━━ EXERCISE MATERIALS
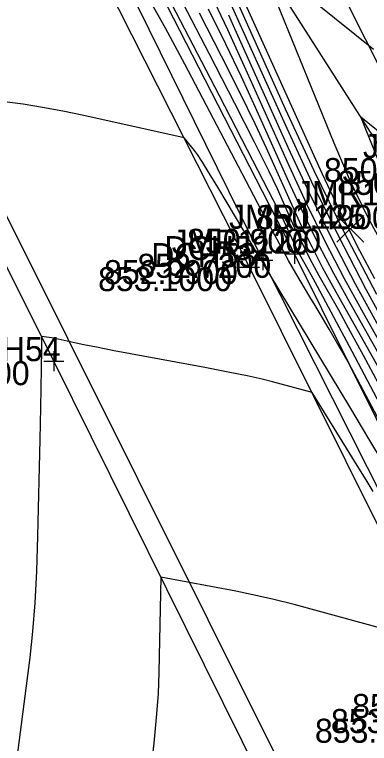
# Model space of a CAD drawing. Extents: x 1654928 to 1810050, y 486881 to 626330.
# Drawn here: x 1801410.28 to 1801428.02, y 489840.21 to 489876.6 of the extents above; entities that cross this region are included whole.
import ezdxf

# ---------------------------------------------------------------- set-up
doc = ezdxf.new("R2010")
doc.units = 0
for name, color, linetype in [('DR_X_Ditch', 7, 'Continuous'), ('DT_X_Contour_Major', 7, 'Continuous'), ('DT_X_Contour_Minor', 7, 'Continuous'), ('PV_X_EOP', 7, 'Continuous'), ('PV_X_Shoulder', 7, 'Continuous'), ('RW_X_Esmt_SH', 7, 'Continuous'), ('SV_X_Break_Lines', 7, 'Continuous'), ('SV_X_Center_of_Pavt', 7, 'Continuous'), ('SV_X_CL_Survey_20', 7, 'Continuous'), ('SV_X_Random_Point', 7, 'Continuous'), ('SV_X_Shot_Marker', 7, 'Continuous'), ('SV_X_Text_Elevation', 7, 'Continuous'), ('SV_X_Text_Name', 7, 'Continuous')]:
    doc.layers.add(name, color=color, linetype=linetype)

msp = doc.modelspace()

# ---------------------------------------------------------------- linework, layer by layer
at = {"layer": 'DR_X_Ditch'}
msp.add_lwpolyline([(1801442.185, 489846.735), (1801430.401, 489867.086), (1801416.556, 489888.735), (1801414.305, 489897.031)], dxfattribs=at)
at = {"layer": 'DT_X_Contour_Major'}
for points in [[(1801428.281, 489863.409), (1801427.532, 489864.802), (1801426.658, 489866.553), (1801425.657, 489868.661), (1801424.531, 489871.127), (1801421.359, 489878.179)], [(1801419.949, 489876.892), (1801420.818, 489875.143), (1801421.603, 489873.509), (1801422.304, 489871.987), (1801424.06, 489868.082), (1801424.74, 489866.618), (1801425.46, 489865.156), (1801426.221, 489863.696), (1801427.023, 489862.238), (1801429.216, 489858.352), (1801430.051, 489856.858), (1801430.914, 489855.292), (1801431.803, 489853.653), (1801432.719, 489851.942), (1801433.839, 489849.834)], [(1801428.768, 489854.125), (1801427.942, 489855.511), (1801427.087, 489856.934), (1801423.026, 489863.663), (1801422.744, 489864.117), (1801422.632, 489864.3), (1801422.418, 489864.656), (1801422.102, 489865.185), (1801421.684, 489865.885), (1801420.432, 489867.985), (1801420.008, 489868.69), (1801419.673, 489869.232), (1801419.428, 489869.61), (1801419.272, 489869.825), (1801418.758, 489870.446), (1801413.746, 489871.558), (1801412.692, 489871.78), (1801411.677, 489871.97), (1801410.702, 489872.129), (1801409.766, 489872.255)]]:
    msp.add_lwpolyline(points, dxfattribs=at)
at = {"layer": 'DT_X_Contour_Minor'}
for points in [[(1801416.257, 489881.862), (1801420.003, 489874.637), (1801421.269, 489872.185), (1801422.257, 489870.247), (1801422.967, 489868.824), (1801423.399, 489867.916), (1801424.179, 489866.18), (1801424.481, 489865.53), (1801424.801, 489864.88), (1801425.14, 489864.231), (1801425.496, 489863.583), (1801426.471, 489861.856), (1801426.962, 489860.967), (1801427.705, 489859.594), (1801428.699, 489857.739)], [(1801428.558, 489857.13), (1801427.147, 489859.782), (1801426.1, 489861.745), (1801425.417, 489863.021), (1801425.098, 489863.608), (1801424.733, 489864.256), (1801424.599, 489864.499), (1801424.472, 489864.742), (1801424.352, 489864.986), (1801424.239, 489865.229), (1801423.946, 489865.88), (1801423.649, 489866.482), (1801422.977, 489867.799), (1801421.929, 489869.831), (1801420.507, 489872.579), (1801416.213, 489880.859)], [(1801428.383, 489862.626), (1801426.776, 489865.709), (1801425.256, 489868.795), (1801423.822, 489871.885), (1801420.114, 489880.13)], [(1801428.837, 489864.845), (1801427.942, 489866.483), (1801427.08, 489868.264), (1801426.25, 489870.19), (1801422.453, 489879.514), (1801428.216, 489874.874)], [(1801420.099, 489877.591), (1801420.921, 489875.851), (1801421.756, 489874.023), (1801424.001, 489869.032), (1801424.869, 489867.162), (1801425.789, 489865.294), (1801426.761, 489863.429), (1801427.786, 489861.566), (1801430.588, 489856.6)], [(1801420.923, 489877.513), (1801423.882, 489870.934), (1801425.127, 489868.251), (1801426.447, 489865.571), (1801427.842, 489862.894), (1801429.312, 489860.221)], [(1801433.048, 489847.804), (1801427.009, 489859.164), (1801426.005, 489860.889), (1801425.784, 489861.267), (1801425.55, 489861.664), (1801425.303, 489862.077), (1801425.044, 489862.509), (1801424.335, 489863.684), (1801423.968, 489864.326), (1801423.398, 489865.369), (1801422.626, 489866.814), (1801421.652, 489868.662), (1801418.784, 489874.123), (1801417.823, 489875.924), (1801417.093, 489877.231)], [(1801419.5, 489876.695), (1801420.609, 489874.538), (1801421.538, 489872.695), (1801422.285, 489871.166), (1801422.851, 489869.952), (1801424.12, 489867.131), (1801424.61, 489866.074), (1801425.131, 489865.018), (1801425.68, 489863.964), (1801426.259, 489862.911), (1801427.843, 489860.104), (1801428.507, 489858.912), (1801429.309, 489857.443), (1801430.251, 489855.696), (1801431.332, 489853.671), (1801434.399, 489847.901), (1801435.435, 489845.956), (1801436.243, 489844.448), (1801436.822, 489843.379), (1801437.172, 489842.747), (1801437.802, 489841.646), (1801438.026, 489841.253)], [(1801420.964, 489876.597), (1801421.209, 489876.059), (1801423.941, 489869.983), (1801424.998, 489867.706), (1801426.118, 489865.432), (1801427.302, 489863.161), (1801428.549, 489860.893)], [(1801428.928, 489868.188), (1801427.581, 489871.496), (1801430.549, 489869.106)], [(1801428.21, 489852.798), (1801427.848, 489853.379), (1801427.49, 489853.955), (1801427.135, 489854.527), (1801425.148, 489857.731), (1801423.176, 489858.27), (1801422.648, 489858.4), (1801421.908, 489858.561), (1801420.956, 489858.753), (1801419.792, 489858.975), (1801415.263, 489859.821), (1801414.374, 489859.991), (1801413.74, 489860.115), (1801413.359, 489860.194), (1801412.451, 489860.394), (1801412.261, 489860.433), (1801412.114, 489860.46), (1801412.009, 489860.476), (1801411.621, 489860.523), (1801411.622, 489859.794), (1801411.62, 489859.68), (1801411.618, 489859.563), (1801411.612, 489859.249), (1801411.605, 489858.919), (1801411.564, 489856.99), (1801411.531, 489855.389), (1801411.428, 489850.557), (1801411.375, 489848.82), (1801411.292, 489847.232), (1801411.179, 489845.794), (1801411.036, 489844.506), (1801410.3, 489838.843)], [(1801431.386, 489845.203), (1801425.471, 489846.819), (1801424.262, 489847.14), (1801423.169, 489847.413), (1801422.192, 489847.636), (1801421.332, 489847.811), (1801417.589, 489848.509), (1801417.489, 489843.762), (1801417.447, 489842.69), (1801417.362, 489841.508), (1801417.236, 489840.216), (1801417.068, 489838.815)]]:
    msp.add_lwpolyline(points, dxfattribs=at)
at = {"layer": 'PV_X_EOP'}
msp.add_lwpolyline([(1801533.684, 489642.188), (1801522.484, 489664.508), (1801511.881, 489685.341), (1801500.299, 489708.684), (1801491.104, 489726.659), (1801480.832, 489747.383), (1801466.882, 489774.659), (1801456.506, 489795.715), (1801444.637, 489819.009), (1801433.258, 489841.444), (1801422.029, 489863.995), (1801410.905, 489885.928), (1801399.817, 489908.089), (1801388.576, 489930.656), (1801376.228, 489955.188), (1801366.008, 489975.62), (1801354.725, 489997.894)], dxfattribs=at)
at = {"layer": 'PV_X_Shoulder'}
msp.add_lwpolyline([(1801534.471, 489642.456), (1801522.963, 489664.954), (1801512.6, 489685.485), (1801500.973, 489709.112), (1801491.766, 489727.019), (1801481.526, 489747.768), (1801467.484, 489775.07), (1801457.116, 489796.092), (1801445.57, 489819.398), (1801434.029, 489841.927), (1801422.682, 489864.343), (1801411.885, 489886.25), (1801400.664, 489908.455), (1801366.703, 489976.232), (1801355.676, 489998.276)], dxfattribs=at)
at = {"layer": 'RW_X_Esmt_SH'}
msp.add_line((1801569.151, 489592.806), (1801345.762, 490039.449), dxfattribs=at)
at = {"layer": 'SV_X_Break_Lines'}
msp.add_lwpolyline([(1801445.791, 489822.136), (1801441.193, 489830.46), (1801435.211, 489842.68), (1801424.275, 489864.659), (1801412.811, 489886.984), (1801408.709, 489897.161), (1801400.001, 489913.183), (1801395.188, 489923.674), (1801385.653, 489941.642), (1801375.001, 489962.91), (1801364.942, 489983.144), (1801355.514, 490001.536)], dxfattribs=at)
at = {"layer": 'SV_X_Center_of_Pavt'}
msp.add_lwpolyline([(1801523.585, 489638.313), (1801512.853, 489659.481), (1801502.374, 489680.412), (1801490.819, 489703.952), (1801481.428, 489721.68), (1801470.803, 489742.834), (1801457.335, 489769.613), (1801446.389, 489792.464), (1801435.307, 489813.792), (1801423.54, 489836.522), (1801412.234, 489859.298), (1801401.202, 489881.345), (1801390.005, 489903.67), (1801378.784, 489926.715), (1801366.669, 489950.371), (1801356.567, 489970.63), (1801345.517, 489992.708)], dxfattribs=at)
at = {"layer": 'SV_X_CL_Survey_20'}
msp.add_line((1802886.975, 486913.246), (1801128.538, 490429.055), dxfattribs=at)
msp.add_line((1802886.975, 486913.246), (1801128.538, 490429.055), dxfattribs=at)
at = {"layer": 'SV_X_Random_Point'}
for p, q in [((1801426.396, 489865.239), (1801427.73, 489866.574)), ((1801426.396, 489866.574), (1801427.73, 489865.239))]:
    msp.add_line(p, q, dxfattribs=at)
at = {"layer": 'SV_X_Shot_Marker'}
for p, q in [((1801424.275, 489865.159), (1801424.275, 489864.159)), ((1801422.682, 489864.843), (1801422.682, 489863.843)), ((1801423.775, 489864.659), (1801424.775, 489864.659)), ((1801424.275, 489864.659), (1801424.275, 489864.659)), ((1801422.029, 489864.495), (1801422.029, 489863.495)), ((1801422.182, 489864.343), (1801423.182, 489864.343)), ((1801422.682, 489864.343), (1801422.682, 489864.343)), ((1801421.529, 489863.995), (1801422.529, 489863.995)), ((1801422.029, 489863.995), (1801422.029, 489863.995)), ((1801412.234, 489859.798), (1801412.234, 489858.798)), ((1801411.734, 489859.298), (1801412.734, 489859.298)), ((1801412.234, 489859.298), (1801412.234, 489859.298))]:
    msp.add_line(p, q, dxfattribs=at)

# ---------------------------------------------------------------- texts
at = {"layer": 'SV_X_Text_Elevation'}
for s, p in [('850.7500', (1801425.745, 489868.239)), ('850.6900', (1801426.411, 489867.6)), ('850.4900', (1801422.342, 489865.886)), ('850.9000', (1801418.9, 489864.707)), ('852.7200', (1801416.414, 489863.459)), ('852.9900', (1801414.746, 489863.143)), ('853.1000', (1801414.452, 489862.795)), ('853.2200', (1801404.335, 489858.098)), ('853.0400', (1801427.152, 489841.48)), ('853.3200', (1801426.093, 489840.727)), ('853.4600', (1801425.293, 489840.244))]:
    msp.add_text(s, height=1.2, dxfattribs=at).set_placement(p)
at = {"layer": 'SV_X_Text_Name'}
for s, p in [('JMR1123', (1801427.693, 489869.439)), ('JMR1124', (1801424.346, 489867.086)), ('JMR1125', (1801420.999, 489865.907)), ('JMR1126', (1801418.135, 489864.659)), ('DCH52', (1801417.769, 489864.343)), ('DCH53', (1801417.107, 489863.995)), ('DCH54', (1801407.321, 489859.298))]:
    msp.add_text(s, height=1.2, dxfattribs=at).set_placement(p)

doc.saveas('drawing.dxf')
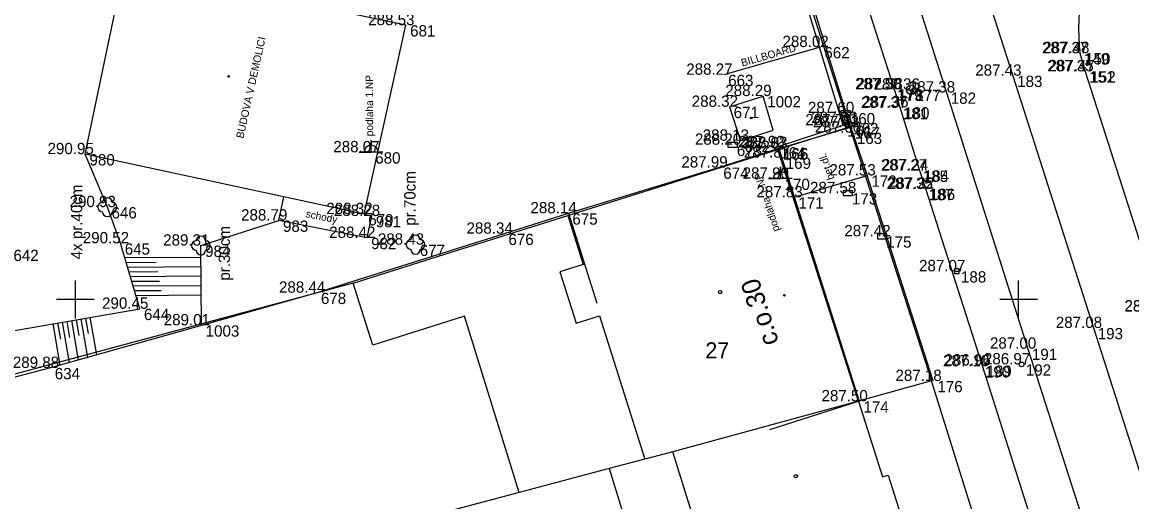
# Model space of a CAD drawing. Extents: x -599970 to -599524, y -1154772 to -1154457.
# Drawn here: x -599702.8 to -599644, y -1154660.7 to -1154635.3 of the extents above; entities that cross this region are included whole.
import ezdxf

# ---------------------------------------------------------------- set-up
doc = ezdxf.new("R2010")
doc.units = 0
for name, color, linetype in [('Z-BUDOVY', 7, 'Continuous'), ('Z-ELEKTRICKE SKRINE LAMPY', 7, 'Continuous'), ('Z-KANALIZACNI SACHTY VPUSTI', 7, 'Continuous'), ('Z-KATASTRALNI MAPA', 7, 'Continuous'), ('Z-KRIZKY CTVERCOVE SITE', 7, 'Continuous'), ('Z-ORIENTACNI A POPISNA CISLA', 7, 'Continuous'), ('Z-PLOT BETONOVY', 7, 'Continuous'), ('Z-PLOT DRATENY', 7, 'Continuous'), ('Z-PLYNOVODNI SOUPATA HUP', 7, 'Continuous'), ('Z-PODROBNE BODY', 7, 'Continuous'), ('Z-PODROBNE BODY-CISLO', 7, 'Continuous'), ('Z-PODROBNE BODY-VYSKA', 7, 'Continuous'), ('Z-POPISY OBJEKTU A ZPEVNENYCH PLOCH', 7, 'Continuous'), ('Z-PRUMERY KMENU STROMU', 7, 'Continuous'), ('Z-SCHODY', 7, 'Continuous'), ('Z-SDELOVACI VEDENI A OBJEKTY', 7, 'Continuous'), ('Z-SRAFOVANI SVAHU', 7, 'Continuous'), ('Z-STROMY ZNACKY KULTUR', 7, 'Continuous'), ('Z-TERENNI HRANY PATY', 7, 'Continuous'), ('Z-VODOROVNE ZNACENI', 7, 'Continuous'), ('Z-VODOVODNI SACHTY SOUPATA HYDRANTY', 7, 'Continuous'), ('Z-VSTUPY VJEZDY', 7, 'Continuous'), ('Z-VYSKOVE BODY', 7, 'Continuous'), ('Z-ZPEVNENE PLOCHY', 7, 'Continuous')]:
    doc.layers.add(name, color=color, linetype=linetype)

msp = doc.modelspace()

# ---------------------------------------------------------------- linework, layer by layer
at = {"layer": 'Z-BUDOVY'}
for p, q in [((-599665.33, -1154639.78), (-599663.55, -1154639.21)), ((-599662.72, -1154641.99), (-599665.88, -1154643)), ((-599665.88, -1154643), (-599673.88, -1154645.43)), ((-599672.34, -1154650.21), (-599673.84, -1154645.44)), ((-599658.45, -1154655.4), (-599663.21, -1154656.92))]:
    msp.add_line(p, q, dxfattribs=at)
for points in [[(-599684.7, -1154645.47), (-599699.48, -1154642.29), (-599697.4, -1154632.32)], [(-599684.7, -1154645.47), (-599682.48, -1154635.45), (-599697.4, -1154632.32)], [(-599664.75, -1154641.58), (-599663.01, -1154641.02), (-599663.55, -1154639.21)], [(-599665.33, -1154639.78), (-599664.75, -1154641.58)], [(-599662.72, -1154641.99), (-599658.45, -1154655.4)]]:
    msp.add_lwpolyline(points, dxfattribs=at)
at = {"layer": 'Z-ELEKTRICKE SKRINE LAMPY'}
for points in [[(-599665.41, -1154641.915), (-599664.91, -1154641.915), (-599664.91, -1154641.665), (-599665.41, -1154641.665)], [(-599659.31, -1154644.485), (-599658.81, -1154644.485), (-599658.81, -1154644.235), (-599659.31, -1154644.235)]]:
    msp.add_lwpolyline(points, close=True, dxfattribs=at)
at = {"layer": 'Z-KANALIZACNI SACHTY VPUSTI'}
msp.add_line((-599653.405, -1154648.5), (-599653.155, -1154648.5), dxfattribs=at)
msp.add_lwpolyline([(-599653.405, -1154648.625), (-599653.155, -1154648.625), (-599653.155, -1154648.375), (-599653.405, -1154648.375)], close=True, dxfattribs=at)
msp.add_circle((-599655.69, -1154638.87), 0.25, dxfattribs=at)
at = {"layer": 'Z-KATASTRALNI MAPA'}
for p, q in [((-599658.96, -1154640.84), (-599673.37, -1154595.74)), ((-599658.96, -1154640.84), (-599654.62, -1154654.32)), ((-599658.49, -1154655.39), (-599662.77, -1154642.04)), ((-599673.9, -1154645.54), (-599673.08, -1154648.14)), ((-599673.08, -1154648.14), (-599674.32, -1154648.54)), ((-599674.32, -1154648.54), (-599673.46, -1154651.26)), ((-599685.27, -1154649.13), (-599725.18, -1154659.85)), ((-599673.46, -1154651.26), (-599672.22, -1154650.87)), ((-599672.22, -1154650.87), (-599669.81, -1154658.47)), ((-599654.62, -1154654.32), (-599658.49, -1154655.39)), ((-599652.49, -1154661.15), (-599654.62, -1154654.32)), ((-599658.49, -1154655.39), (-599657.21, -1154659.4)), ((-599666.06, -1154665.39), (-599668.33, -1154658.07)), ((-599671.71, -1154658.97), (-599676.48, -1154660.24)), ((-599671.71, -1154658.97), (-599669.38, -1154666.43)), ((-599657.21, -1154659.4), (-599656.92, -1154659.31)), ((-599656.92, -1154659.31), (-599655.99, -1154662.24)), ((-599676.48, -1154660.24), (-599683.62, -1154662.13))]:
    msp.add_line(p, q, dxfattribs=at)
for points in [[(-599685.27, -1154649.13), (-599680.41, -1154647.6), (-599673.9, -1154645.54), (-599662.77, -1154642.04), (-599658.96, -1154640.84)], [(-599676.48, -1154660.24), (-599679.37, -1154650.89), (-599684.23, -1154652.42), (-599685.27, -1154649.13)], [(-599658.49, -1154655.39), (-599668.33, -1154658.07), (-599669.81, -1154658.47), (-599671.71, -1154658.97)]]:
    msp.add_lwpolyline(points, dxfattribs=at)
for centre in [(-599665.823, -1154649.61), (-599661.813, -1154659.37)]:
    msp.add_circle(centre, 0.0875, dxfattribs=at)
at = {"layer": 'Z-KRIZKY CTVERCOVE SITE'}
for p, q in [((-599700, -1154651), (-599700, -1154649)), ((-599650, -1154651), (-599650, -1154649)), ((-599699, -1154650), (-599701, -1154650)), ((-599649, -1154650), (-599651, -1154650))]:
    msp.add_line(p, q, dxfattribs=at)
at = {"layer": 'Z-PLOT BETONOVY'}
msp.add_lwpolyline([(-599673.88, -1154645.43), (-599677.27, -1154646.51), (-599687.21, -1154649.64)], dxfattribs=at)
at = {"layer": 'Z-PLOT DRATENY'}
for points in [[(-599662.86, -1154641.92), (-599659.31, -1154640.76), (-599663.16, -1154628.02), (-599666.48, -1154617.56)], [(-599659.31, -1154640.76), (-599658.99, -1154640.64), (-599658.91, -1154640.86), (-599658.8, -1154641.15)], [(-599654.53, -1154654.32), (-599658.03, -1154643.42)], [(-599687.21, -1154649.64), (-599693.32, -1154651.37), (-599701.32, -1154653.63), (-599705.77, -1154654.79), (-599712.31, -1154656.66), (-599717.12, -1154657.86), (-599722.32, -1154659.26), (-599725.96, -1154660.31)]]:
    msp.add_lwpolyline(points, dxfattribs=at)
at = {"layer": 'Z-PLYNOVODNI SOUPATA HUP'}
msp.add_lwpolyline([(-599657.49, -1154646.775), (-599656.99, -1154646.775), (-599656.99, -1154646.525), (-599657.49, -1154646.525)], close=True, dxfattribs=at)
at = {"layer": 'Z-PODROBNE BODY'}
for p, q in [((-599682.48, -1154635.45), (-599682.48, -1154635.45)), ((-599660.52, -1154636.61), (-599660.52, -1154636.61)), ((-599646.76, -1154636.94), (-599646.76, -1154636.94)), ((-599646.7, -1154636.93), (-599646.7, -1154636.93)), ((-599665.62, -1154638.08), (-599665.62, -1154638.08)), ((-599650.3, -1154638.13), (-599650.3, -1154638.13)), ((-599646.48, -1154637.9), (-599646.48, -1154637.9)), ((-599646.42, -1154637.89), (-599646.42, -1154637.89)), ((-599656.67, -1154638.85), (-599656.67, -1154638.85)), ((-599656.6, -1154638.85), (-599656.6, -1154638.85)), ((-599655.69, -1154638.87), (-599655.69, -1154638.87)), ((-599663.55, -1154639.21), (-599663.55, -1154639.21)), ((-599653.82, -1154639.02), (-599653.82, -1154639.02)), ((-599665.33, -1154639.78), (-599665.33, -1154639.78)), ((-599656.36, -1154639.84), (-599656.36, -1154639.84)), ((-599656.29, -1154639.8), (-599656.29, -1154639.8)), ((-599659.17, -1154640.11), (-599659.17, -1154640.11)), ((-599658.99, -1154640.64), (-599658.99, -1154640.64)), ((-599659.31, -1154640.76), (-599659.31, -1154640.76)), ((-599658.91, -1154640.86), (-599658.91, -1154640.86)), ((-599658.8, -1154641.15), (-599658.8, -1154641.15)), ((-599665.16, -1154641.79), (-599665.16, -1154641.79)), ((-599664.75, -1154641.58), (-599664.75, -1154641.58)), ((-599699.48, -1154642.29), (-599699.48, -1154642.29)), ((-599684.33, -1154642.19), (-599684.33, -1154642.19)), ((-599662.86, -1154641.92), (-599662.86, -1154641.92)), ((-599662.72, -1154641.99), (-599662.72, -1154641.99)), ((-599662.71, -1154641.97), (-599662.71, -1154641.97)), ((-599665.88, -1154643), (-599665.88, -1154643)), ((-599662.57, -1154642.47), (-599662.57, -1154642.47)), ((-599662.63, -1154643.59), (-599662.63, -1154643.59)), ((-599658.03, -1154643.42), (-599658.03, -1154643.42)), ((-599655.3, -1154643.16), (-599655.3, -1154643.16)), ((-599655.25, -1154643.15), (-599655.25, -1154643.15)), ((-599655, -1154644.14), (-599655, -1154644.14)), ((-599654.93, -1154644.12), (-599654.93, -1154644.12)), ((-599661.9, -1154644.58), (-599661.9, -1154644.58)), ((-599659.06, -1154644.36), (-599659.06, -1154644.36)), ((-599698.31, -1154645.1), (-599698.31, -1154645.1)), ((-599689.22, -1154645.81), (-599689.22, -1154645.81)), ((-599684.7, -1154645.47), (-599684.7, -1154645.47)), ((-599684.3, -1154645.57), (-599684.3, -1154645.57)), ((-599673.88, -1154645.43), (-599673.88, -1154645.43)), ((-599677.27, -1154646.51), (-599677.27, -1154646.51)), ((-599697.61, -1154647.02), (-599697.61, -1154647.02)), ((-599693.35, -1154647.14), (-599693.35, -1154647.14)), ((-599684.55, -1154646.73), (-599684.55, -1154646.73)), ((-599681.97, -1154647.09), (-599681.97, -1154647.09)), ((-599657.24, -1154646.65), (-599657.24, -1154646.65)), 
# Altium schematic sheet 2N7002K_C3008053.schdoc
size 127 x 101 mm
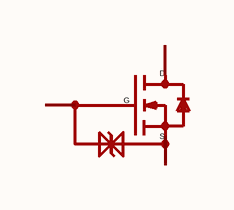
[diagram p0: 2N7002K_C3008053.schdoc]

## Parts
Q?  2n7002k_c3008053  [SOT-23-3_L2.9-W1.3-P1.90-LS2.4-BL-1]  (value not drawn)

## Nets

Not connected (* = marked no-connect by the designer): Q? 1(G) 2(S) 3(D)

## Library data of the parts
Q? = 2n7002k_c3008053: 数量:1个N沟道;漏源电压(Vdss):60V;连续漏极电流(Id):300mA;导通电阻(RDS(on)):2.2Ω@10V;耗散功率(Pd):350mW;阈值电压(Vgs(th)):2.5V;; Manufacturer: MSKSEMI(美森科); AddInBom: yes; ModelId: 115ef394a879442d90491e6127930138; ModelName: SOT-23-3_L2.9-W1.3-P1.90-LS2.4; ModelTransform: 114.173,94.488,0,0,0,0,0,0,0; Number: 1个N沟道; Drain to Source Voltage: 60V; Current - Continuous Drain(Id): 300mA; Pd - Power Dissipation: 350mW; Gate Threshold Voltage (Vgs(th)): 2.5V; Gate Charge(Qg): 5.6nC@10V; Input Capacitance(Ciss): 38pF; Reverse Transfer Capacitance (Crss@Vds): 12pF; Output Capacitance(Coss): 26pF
━━━━
TASK DETAILS: Wherever a line of the data holds "centre", copy that line.

RESULT OF THE EXERCISE:
for centre in [(-599665.823, -1154649.61), (-599661.813, -1154659.37)]:
    msp.add_circle(centre, 0.0875, dxfattribs=at)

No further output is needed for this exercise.